Excerpts from a dataset:
┏━━
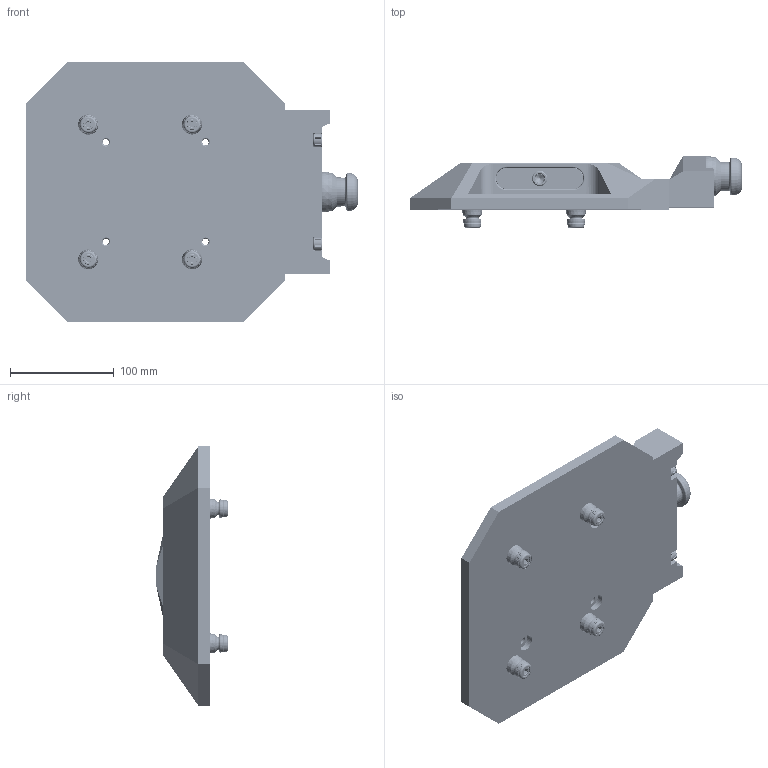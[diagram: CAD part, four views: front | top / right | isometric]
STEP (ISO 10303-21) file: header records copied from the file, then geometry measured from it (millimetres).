
FILE_DESCRIPTION (( 'STEP AP214' ), '1' );
FILE_NAME ('RL96A-DN250 WEBSITE.STEP', '2026-08-31T17:00:18', ( '' ), ( '' ), 'SwSTEP 2.0', 'SolidWorks 2024', '' );
FILE_SCHEMA (( 'AUTOMOTIVE_DESIGN' ));
Length unit declared in the file: millimetre
Products named in the file (19): D_RL96-2R_WEBSITE; HW.M16X40.FTSS_HW.M16X40.FTSS; XSPA-MINI-20; M10x020.DP_91595A640; RL96 Hardware - Website Simplified; 76176_76176; 5AX-PKL160; D_HW27X20.DB_WEBSITE; XSPB-MINI-20; M8X40.SHCS.12.9.BL_M8X40.SHCS.12.9.BL; D_SB54_WEBSITE_FINISHED PART; D_RL96-3_WEBSITE; HW.202.OR_9452K183; XSPA-40-16; RL96A-DN250 WEBSITE; RL96-1DN250A_RL96; XSPC-MINI-20; D_RL96-2L_WEBSITE; 033.OR
Assembly tree (36 placements, depth 3):
  RL96A-DN250 WEBSITE
    RL96-1DN250A_RL96
    5AX-PKL160
    XSPA-40-16
    XSPC-MINI-20  x2
    XSPB-MINI-20
    XSPA-MINI-20
    HW.M16X40.FTSS_HW.M16X40.FTSS
    M10x020.DP_91595A640  x2
    76176_76176  x4
    M8X40.SHCS.12.9.BL_M8X40.SHCS.12.9.BL  x6
    RL96 Hardware - Website Simplified
      D_RL96-2L_WEBSITE
      D_RL96-2R_WEBSITE
      D_RL96-3_WEBSITE
      D_SB54_WEBSITE_FINISHED PART  x2
      033.OR  x2
      D_HW27X20.DB_WEBSITE  x4
      HW.202.OR_9452K183  x4
Bounding box: 320 x 69.25 x 250 mm (x, y, z)
Volume: 2114973.6 mm3; surface area: 289109.4 mm2
Topology: 35 solids, 35 shells, 4274 faces, 11985 edges, 7882 vertices
Faces by surface type: plane 1607, cylinder 1296, torus 1071, cone 163, bspline 133, sphere 4
Full cylindrical faces by diameter (mm): 1.778 x4, 2.5 x2, 3.3 x2, 4 x2, 4.7 x2, 5 x6, 5.182 x2, 6.8 x10, 8 x132, 8.2 x4, 8.204 x2, 8.271 x6, 8.5 x4, 9 x8, 9.525 x2, 10 x6, 10.025 x2, 10.075 x2, 10.5 x4, 10.795 x1, 11.938 x4, 12 x4, 12.022 x4, 12.573 x4, 12.6 x6, 14 x7, 14.326 x11, 15.748 x2, 16.02 x4, 17.221 x1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
Entity records: 72747 total; most frequent: CARTESIAN_POINT 38196, ORIENTED_EDGE 6784, DIRECTION 5804, EDGE_CURVE 3392, VERTEX_POINT 2342, AXIS2_PLACEMENT_3D 2182, EDGE_LOOP 1820, FACE_OUTER_BOUND 1594
┗━━
* _Task details_
Copy the entries above exactly, but only from the line holding "Products named in" through the line holding "Assembly tree (36", both included.

* _Result for this exercise_
Products named in the file (19): D_RL96-2R_WEBSITE; HW.M16X40.FTSS_HW.M16X40.FTSS; XSPA-MINI-20; M10x020.DP_91595A640; RL96 Hardware - Website Simplified; 76176_76176; 5AX-PKL160; D_HW27X20.DB_WEBSITE; XSPB-MINI-20; M8X40.SHCS.12.9.BL_M8X40.SHCS.12.9.BL; D_SB54_WEBSITE_FINISHED PART; D_RL96-3_WEBSITE; HW.202.OR_9452K183; XSPA-40-16; RL96A-DN250 WEBSITE; RL96-1DN250A_RL96; XSPC-MINI-20; D_RL96-2L_WEBSITE; 033.OR
Assembly tree (36 placements, depth 3):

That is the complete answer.